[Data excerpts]
*** Begin section ***
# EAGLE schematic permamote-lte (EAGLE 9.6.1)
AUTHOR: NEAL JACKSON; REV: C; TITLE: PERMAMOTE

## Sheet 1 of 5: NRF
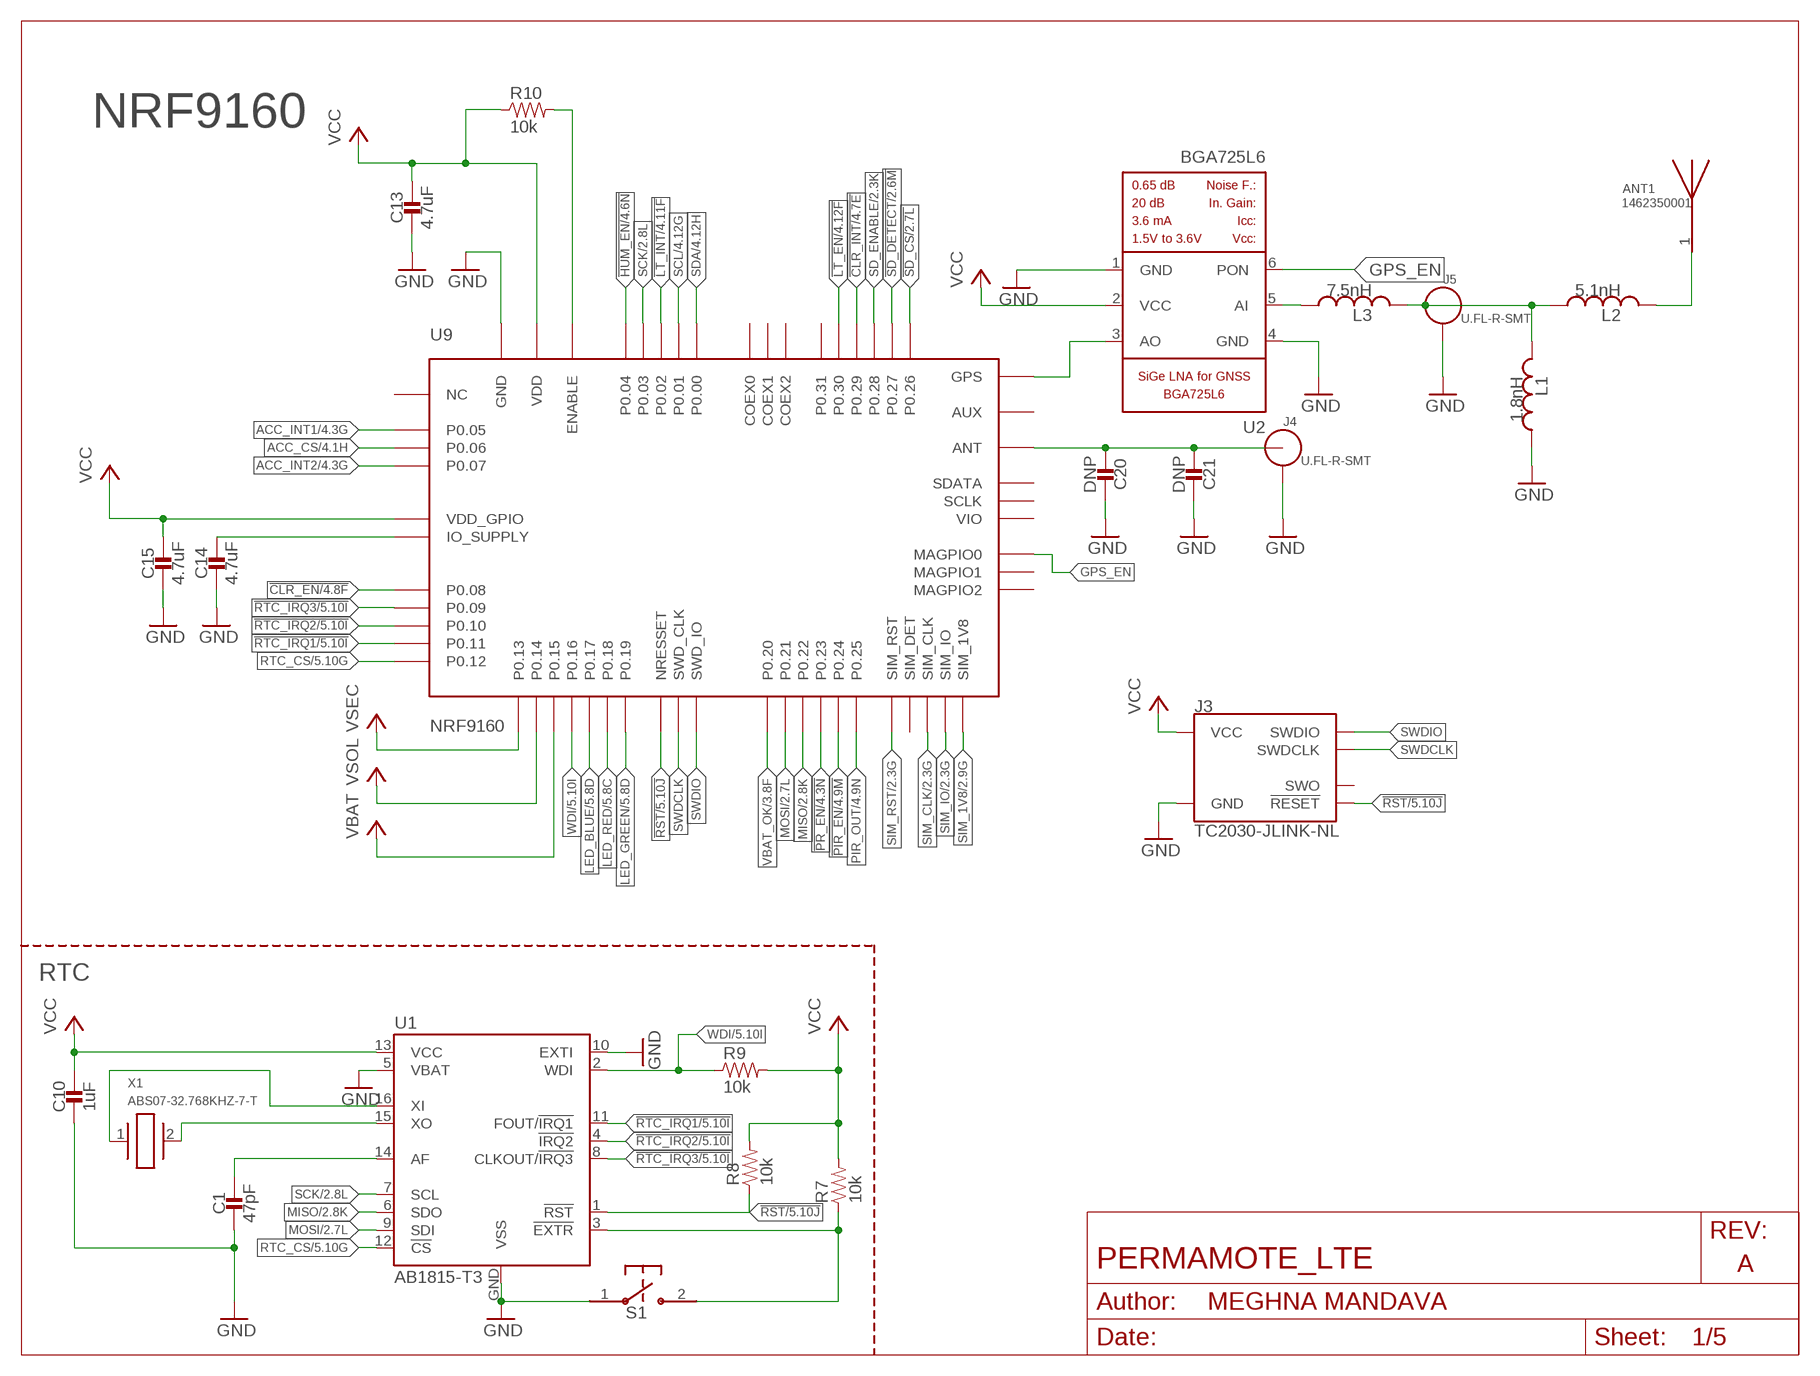
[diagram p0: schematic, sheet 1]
FRAME1 (LETTER_L_BLANK): AUTHOR: MEGHNA MANDAVA; REV: A; TITLE: PERMAMOTE_LTE

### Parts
ANT1  1462350001  [ANT_1462350001]
C1  47pF  CAPACITOR0402_CAP  [0402_CAP]
C10  1uF  CAPACITOR0402_CAP  [0402_CAP]
C13  4.7uF  CAPACITOR0402_CAP  [0402_CAP]
C14  4.7uF  CAPACITOR0402_CAP  [0402_CAP]
C15  4.7uF  CAPACITOR0402_CAP  [0402_CAP]
C20  DNP  CAPACITOR0402_CAP  [0402_CAP]
C21  DNP  CAPACITOR0402_CAP  [0402_CAP]
J3  TC2030-JLINK-NL  [TC2030-IDC-NL]
J4  U.FL-R-SMT  [U.FL_SMT]
J5  U.FL-R-SMT  [U.FL_SMT]
L1  1.8nH  INDUCTOR0402  [0402_CAP]
L2  5.1nH  INDUCTOR0402  [0402_CAP]
L3  7.5nH  INDUCTOR0402  [0402_CAP]
R7  10k  RESISTOR0402_RES  [0402_RES]
R8  10k  RESISTOR0402_RES  [0402_RES]
R9  10k  RESISTOR0402_RES  [0402_RES]
R10  10k  RESISTOR0402_RES  [0402_RES]
S1  B3U-1000P  [B3U-1000P]
U1  AB1815-T3  [QFN-16-3MM]
U2  BGA725L6  [LNA-TSLP-6-2-ORIG]
U9  NRF9160  [NRF9160]
X1  ABS07-32.768KHZ-7-T  [2-SMD]

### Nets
!CLR_EN: U9.P0.08 ; also sheet 4,5
!CLR_INT: U9.P0.29 ; also sheet 4,5
!HUM_EN: U9.P0.04 ; also sheet 4,5
!LT_EN: U9.P0.30 ; also sheet 4,5
!LT_INT: U9.P0.02 ; also sheet 4,5
!PIR_EN: U9.P0.24 ; also sheet 4,5
!PR_EN: U9.P0.23 ; also sheet 4,5
!RST: J3.3(!RESET) R8.1 U1.1(!RST) U9.NRESET(NRESSET) ; also sheet 5
!RTC_EXTR: R7.1 S1.2 U1.3(!EXTR)
!RTC_IRQ1: U1.11(FOUT/!IRQ1) U9.P0.11 ; also sheet 5
!RTC_IRQ2: U1.4(!IRQ2) U9.P0.10 ; also sheet 5
!RTC_IRQ3: U1.8(CLKOUT/!IRQ3) U9.P0.09 ; also sheet 5
!SD_CS: U9.P0.26 ; also sheet 2
!SD_DETECT: U9.P0.27 ; also sheet 2
ACC_CS: U9.P0.06 ; also sheet 4,5
ACC_INT1: U9.P0.05 ; also sheet 4,5
ACC_INT2: U9.P0.07 ; also sheet 4,5
GND: C1.2 C10.2 C13.2 C14.2 C15.2 C20.1 C21.1 J3.5(GND) J4.GND1 J4.GND2 J5.GND1 J5.GND2 L1.1 S1.1 U1.5(VBAT) U1.10(EXTI) U1.GND(VSS) U2.1(GND) U2.4(GND) U9.GND@1(GND) U9.GND@2(GND) U9.GND@3(GND) U9.GND@4(GND) U9.GND@5(GND) U9.GND@6(GND) U9.GND@7(GND) U9.GND@8(GND) U9.GND@9(GND) U9.GND@10(GND) U9.GND@11(GND) U9.GND@12(GND) U9.GND@13(GND) U9.GND@14(GND) U9.GND@15(GND) U9.GND@16(GND) U9.GND@17(GND) U9.GND@18(GND) U9.GND@19(GND) U9.GND@20(GND) U9.GND@21(GND) U9.GND@22(GND) U9.GND@23(GND) U9.GND@24(GND) U9.GND@25(GND) U9.GND@26(GND) U9.GND@27(GND) U9.GND@28(GND) U9.GND@29(GND) U9.GND@30(GND) U9.GND@31(GND) U9.GND@32(GND) U9.GND@33(GND) U9.GND@34(GND) U9.GND@35(GND) U9.GND_SHIELD@1(GND) U9.GND_SHIELD@2(GND) U9.GND_SHIELD@3(GND) U9.GND_SHIELD@4(GND) U9.GND_SHIELD@5(GND) U9.GND_SHIELD@6(GND) U9.GND_SHIELD@7(GND) U9.GND_SHIELD@8(GND) U9.GND_SHIELD@9(GND) U9.GND_SHIELD@10(GND) U9.GND_SHIELD@11(GND) U9.GND_SHIELD@12(GND) U9.GND_SHIELD@13(GND) U9.GND_SHIELD@14(GND) U9.GND_SHIELD@15(GND) U9.GND_SHIELD@16(GND) U9.GND_SHIELD@17(GND) U9.GND_SHIELD@18(GND) U9.GND_SHIELD@19(GND) U9.GND_SHIELD@20(GND) U9.GND_SHIELD@21(GND) U9.GND_SHIELD@22(GND) U9.GND_SHIELD@23(GND) U9.GND_SHIELD@24(GND) U9.GND_SHIELD@25(GND) U9.GND_SHIELD@26(GND) U9.GND_SHIELD@27(GND) U9.GND_SHIELD@28(GND) U9.GND_SHIELD@29(GND) U9.GND_SHIELD@30(GND) U9.GND_SHIELD@31(GND) U9.GND_SHIELD@32(GND) U9.GND_SHIELD@33(GND) U9.GND_SHIELD@34(GND) ; also sheet 2,3,4,5
GPS_EN: U2.6(PON) U9.MAGPIO0
LED_BLUE: U9.P0.17 ; also sheet 5
LED_GREEN: U9.P0.19 ; also sheet 5
LED_RED: U9.P0.18 ; also sheet 5
MISO: U1.6(SDO) U9.P0.22 ; also sheet 2,4,5
MOSI: U1.9(SDI) U9.P0.21 ; also sheet 2,4,5
N$1: U2.3(AO) U9.GPS
N$2: L3.1 U2.5(AI)
N$4: J5.SIG(ANT) L1.2 L2.1 L3.2
N$5: ANT1.1 L2.2
N$8: C20.2 C21.2 J4.SIG(ANT) U9.ANT
N$25: C1.1 U1.14(AF)
N$28: R10.2 U9.ENABLE
N$29: C14.1 U9.IO_SUPPLY
N$40: U1.15(XO) X1.2
N$43: U1.16(XI) X1.1
PIR_OUT: U9.P0.25 ; also sheet 4,5
RTC_CS: U1.12(!CS) U9.P0.12 ; also sheet 5
SCK: U1.7(SCL) U9.P0.03 ; also sheet 2,4,5
SCL: U9.P0.01 ; also sheet 4,5
SD_ENABLE: U9.P0.28 ; also sheet 2
SDA: U9.P0.00 ; also sheet 4,5
SIM_1V8: U9.SIM_1V8 ; also sheet 2
SIM_CLK: U9.SIM_CLK ; also sheet 2
SIM_IO: U9.SIM_IO ; also sheet 2
SIM_RST: U9.SIM_RST ; also sheet 2
SWDCLK: J3.4(SWDCLK) U9.SWDCLK(SWD_CLK)
SWDIO: J3.2(SWDIO) U9.SWDIO(SWD_IO)
VBAT: U9.P0.15 ; also sheet 3
VBAT_OK: U9.P0.20 ; also sheet 3
VCC: C10.1 C13.1 C15.1 J3.1(VCC) R7.2 R8.2 R9.2 R10.1 U1.13(VCC) U2.2(VCC) U9.VDD@1(VDD) U9.VDD@2(VDD) U9.VDD_GPIO ; also sheet 2,3,4,5
VSEC: U9.P0.13 ; also sheet 3
VSOL: U9.P0.14 ; also sheet 3,5
WDI: R9.1 U1.2(WDI) U9.P0.16 ; also sheet 5
Unconnected: J3.6(SWO) U9.AUX U9.COEX0 U9.COEX1 U9.COEX2 U9.MAGPIO1 U9.MAGPIO2 U9.NC1(NC) U9.NC2(NC) U9.NC3(NC) U9.NC4(NC) U9.NC5(NC) U9.NC6(NC) U9.NC7(NC) U9.NC8(NC) U9.NC9(NC) U9.NC10(NC) U9.NC11(NC) U9.NC12(NC) U9.NC13(NC) U9.NC14(NC) U9.NC15(NC) U9.NC16(NC) U9.NC17(NC) U9.NC18(NC) U9.NC19(NC) U9.NC20(NC) U9.NC21(NC) U9.NC22(NC) U9.NC23(NC) U9.NC24(NC) U9.NC25(NC) U9.NC26(NC) U9.NC27(NC) U9.NC28(NC) U9.NC29(NC) U9.NC30(NC) U9.NC31(NC) U9.NC32(NC) U9.NC33(NC) U9.NC34(NC) U9.NC35(NC) U9.P0.31 U9.SCLK U9.SDATA U9.SIM_DET U9.VIO

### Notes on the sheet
- NRF9160
- RTC

## Sheet 2 of 5: SIM and SD
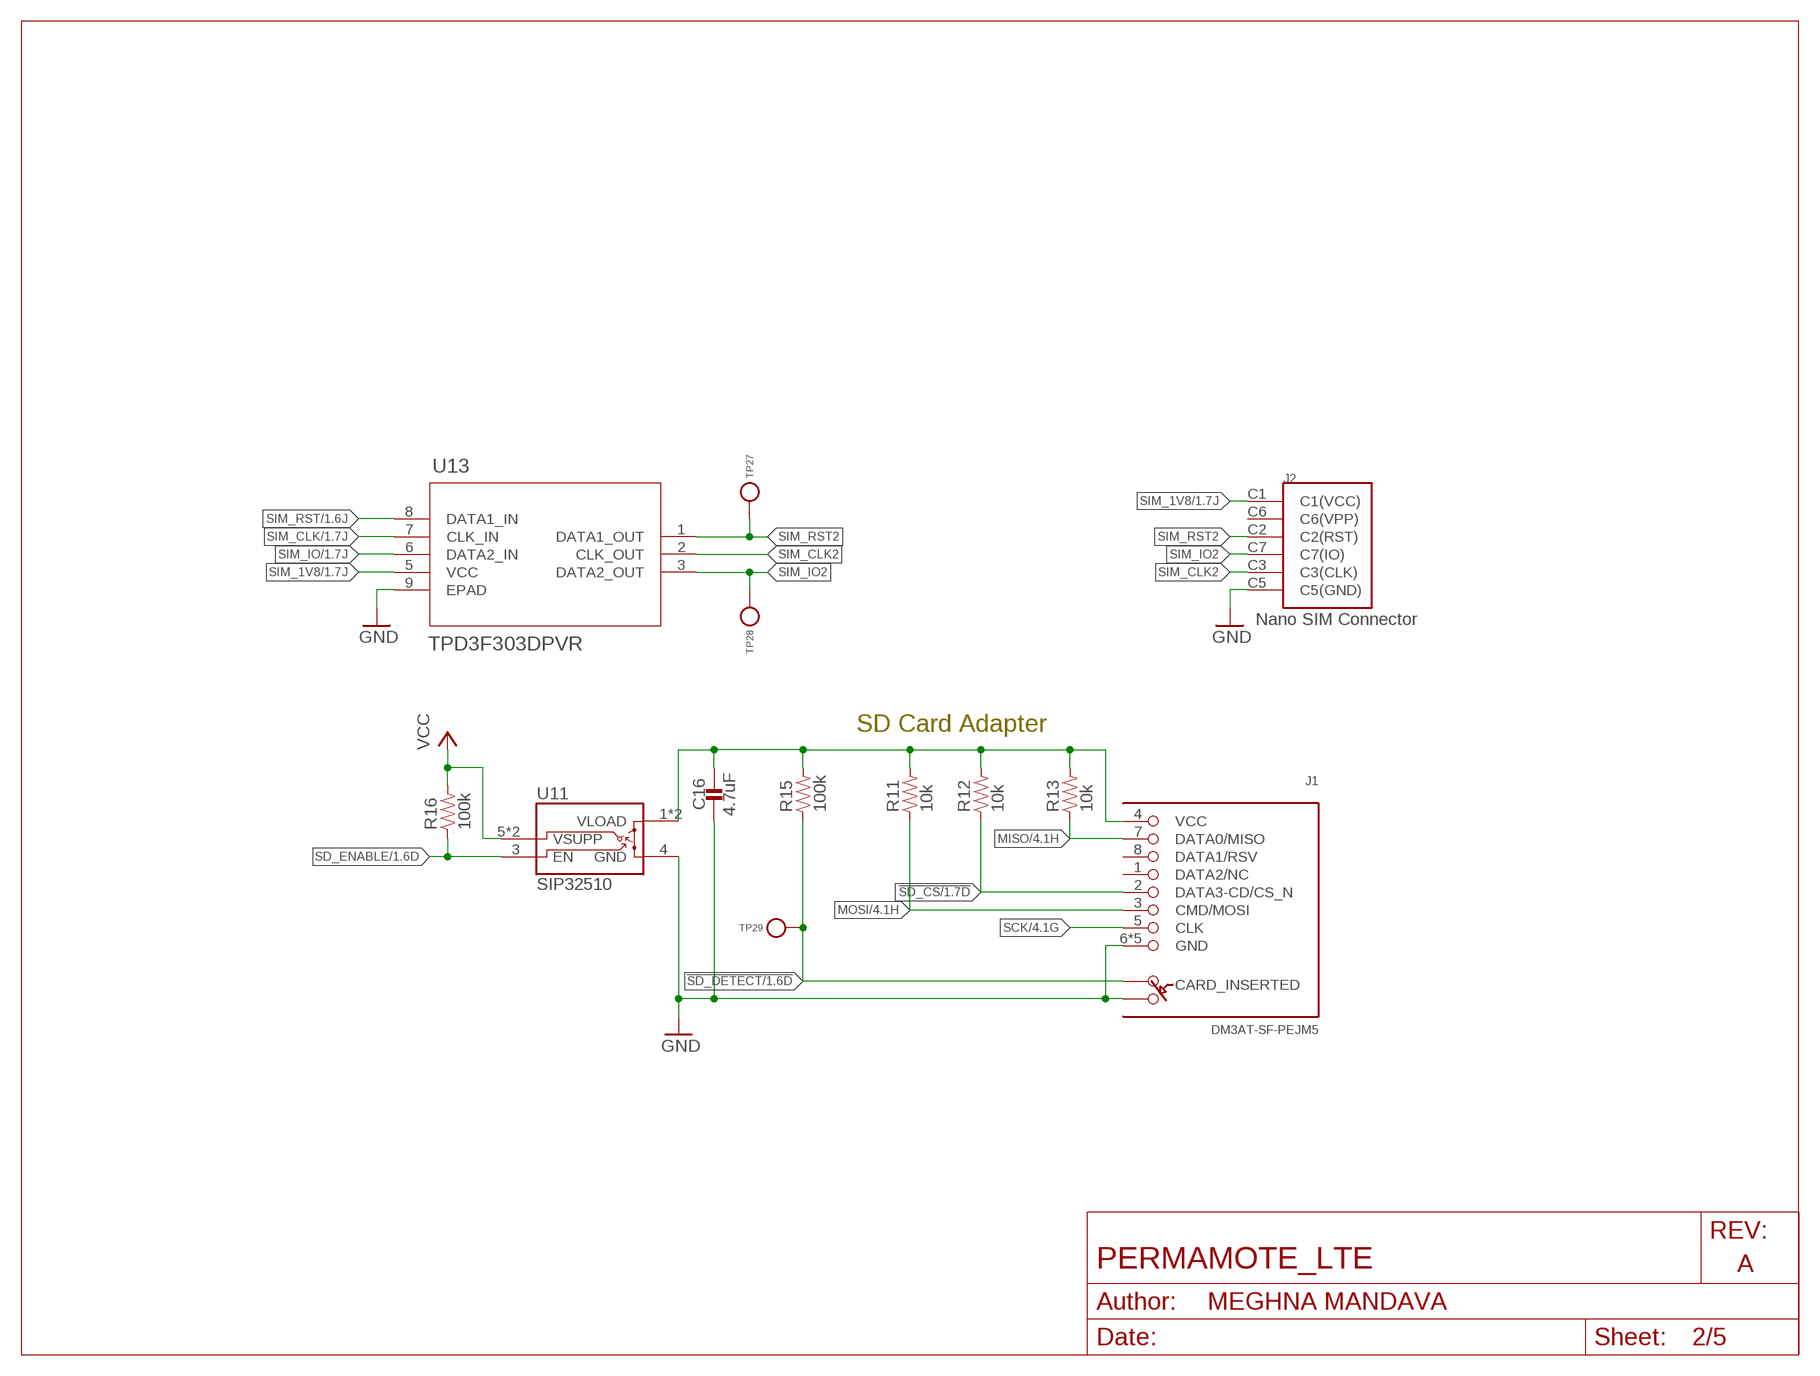
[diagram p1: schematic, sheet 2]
FRAME4 (LETTER_L_BLANK): AUTHOR: MEGHNA MANDAVA; REV: A; TITLE: PERMAMOTE_LTE

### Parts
C16  4.7uF  CAPACITOR0402_CAP  [0402_CAP]
J1  DM3AT-SF-PEJM5  [DM3AT-SF-PEJM5]
J2  NANO_SIM  [WURTH_NANO_SIM]
R11  10k  RESISTOR0402_RES  [0402_RES]
R12  10k  RESISTOR0402_RES  [0402_RES]
R13  10k  RESISTOR0402_RES  [0402_RES]
R15  100k  RESISTOR0402_RES  [0402_RES]
R16  100k  RESISTOR0402_RES  [0402_RES]
TP27  TEST-POINT  [PAD.03X.03]
TP28  TEST-POINT  [PAD.03X.03]
TP29  TEST-POINT  [PAD.03X.03]
U11  SIP32510  [TSOT23-6]
U13  TPD3F303DPVR  [DPV8_1P7X0P4]

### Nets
*** End section ***
Prompt: Look through the entries above; copy each line where the string "schematic" appears.

Solved exercise:
# EAGLE schematic permamote-lte (EAGLE 9.6.1)
[diagram p0: schematic, sheet 1]
[diagram p1: schematic, sheet 2]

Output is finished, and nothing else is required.